<<<<

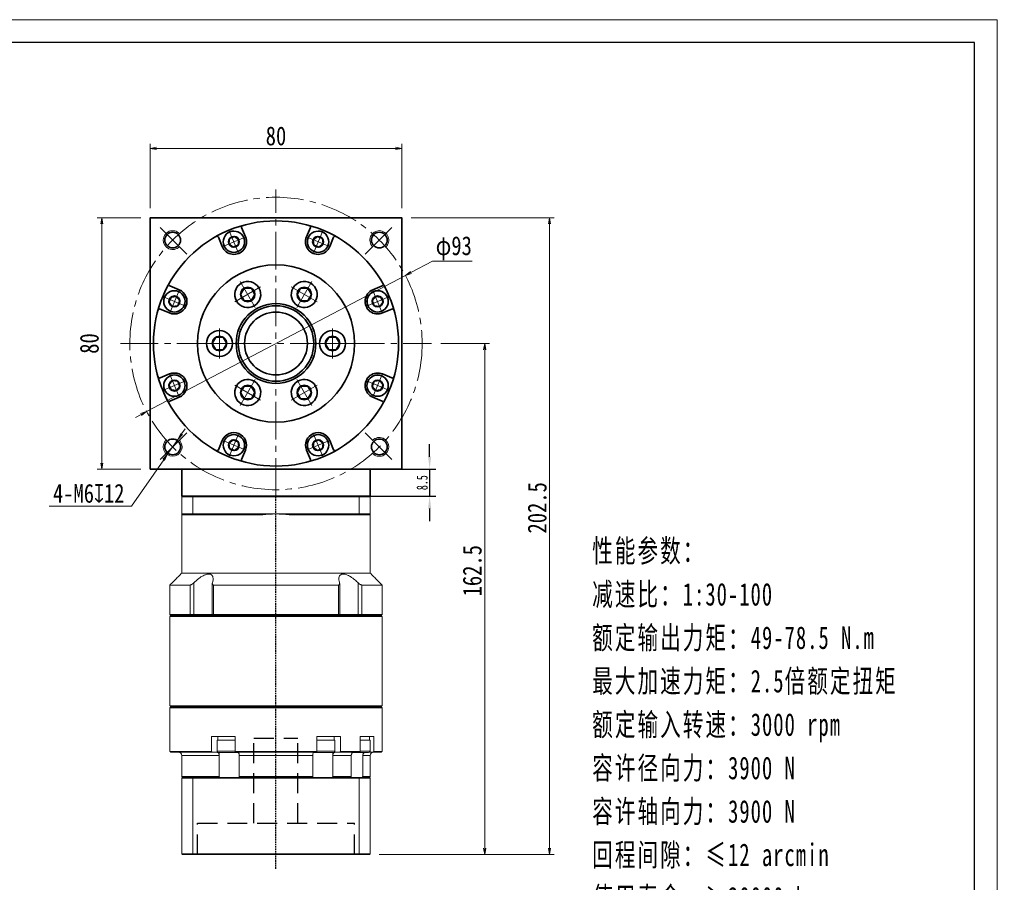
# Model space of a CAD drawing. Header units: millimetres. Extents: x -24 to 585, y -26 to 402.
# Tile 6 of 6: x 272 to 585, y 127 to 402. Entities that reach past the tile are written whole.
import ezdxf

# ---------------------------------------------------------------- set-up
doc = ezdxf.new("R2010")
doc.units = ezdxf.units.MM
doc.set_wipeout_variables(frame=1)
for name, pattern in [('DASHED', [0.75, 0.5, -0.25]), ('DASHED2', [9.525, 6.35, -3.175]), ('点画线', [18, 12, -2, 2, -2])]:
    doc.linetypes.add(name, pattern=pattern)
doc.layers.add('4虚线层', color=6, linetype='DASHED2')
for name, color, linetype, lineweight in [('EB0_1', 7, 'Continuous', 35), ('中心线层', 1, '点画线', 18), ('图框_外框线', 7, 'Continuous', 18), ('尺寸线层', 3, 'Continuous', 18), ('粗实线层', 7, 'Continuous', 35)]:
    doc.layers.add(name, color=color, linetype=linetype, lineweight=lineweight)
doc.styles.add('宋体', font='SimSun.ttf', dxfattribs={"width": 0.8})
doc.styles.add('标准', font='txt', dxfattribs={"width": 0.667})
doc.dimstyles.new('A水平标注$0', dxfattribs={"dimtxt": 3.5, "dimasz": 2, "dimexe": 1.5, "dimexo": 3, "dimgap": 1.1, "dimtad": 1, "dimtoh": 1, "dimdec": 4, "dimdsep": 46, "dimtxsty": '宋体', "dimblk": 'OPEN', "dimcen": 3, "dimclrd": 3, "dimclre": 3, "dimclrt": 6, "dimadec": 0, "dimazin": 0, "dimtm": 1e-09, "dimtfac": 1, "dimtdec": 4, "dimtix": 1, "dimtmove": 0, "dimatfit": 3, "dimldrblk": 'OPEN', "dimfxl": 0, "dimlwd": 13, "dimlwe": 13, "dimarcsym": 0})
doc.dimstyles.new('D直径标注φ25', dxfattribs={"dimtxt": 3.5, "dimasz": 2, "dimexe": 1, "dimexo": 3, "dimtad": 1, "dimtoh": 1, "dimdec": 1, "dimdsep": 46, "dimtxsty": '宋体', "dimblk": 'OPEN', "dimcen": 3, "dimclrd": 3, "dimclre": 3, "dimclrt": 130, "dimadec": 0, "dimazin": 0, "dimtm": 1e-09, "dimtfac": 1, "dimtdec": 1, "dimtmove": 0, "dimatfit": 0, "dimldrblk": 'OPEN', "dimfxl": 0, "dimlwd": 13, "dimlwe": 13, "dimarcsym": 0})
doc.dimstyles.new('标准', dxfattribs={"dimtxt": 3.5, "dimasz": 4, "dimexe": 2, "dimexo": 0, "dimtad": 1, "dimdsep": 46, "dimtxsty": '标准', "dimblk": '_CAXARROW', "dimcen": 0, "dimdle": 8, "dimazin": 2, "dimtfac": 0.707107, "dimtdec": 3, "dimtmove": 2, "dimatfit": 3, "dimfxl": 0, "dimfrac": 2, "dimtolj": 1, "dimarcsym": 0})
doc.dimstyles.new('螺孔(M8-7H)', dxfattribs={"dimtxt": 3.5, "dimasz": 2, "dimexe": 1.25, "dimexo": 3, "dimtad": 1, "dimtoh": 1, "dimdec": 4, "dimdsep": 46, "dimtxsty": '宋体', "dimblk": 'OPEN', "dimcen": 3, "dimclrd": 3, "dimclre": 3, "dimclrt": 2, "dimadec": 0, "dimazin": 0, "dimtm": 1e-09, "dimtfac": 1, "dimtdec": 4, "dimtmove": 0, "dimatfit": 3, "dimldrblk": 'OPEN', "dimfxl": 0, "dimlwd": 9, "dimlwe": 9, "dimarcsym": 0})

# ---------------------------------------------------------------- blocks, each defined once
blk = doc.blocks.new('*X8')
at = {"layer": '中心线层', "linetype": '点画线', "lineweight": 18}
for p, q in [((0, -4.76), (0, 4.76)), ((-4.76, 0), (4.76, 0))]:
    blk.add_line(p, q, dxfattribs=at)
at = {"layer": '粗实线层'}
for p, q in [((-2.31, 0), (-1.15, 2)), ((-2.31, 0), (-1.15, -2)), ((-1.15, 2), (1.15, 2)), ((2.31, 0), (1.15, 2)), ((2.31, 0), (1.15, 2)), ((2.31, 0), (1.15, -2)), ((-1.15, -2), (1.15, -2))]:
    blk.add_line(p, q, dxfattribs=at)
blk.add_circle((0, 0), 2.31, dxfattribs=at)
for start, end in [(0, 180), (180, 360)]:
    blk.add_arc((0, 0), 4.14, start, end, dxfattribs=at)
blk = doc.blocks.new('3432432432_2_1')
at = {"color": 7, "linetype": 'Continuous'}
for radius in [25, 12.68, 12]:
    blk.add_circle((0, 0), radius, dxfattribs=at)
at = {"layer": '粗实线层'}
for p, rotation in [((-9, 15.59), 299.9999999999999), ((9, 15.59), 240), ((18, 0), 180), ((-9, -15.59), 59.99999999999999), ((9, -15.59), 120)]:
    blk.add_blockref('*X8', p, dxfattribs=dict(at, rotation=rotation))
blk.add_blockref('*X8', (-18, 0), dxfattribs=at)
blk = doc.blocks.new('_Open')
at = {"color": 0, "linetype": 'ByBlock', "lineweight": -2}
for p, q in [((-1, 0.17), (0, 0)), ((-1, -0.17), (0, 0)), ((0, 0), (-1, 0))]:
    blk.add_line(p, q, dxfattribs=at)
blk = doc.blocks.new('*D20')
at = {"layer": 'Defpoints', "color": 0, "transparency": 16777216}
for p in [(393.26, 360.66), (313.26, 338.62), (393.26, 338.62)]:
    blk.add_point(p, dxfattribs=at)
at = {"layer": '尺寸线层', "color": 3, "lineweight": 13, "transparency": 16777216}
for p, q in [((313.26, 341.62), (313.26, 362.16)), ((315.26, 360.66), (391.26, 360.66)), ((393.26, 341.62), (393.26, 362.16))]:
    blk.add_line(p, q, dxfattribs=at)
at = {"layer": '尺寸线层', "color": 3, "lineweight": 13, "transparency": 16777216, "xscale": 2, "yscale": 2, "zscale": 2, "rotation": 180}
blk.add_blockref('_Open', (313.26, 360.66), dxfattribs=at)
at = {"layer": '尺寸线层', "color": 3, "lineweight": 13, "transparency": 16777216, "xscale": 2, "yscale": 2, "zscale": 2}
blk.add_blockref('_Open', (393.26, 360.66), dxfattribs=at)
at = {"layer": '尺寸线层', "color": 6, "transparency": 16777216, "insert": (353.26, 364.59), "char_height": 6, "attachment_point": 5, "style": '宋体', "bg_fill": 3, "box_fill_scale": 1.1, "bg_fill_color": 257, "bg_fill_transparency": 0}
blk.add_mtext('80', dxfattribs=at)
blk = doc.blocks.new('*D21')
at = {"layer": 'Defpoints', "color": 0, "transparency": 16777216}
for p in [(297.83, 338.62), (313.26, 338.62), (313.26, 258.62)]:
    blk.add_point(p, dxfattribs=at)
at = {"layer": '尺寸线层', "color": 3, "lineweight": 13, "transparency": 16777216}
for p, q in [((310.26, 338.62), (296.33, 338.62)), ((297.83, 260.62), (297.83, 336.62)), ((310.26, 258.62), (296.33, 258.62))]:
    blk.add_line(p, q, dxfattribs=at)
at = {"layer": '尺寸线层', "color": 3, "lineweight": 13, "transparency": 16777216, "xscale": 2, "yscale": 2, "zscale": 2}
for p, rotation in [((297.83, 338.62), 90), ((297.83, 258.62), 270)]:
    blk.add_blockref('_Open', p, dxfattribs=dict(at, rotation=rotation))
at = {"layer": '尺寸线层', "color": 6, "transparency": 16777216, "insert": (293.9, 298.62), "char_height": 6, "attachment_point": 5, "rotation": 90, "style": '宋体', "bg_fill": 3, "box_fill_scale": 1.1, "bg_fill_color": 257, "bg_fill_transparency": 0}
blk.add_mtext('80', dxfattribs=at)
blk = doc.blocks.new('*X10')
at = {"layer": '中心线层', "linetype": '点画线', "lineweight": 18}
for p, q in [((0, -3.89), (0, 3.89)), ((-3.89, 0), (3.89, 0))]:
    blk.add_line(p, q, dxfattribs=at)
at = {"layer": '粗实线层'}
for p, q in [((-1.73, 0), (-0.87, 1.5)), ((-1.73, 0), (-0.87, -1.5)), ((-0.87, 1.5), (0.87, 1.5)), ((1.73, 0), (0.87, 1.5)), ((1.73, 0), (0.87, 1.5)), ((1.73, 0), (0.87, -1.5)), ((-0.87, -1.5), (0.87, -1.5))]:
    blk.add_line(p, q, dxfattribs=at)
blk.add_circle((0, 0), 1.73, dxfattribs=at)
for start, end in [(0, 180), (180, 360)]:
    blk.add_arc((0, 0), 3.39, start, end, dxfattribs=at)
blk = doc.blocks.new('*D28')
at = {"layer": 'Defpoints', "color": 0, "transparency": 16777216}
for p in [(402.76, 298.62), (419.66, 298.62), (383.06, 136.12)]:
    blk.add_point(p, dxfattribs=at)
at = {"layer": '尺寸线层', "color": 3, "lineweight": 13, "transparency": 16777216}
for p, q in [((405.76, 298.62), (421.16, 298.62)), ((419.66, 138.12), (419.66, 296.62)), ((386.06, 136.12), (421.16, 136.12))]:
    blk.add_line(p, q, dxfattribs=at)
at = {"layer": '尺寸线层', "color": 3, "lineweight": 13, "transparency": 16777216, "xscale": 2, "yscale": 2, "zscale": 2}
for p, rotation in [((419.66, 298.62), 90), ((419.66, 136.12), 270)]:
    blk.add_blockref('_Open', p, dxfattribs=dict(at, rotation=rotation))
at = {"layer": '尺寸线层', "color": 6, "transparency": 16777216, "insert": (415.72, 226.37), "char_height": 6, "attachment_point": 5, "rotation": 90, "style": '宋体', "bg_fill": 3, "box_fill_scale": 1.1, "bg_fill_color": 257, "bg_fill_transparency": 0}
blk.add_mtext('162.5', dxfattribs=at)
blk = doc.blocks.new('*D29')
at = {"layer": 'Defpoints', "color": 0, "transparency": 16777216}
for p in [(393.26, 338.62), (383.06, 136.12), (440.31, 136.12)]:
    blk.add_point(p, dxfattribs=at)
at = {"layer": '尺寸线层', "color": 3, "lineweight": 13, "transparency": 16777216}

>>>>

**What to produce**
All lines in the data that contain the word "width" should be copied.

**Answer to this problem**
doc.styles.add('宋体', font='SimSun.ttf', dxfattribs={"width": 0.8})
doc.styles.add('标准', font='txt', dxfattribs={"width": 0.667})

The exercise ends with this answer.